» Work item: For this exercise, output the line holding "IGES file: header" and all subsequent lines of the entries below, unchanged, up to and including the last.

» The records:
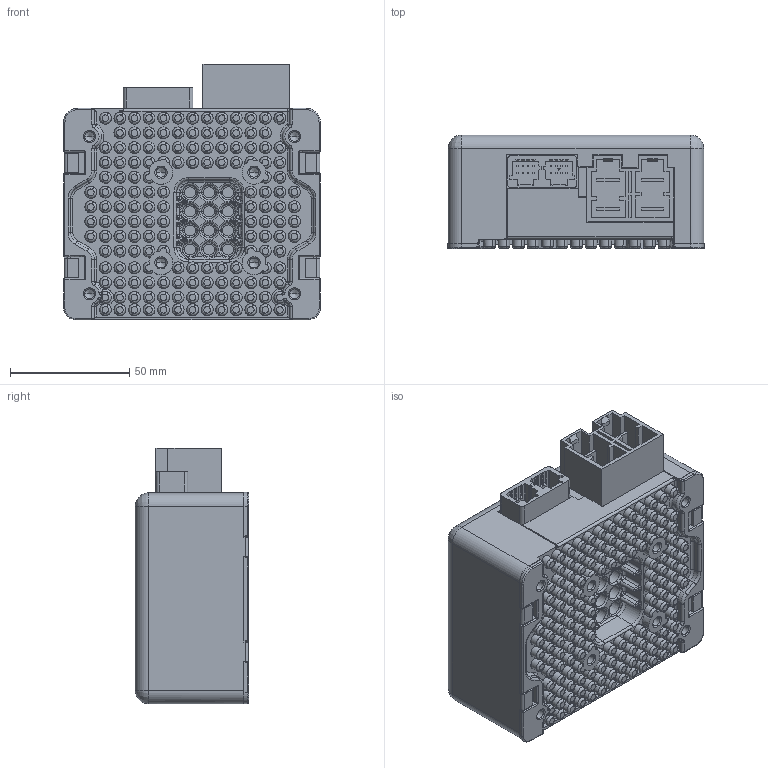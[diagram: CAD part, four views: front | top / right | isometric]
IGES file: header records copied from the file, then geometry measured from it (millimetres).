
Start section: START RECORD GO HERE.
Global section: file name: EA10_ECU.igs; native system: DASSAULT SYSTEMES CATIA Version 5-6 Release 2023 - www.3ds.com; preprocessor: V5-6R2023_5.33.5.3.12-06-2024.11.00; author: ARJ; organization: ARJ.co.ltd; date: 20260312.160213; units: millimetre
Bounding box: 107.6 x 47.6 x 107.16 mm (x, y, z)
Volume: 418434.3 mm3; surface area: 62087.8 mm2
Topology: 1 solids, 1 shells, 1771 faces, 4152 edges, 2519 vertices
Faces by surface type: revolution 1071, plane 605, bspline 87, extrusion 8

» Reply:
IGES file: header records copied from the file, then geometry measured from it (millimetres).
Start section: START RECORD GO HERE.
Global section: file name: EA10_ECU.igs; native system: DASSAULT SYSTEMES CATIA Version 5-6 Release 2023 - www.3ds.com; preprocessor: V5-6R2023_5.33.5.3.12-06-2024.11.00; author: ARJ; organization: ARJ.co.ltd; date: 20260312.160213; units: millimetre
Bounding box: 107.6 x 47.6 x 107.16 mm (x, y, z)
Volume: 418434.3 mm3; surface area: 62087.8 mm2
Topology: 1 solids, 1 shells, 1771 faces, 4152 edges, 2519 vertices
Faces by surface type: revolution 1071, plane 605, bspline 87, extrusion 8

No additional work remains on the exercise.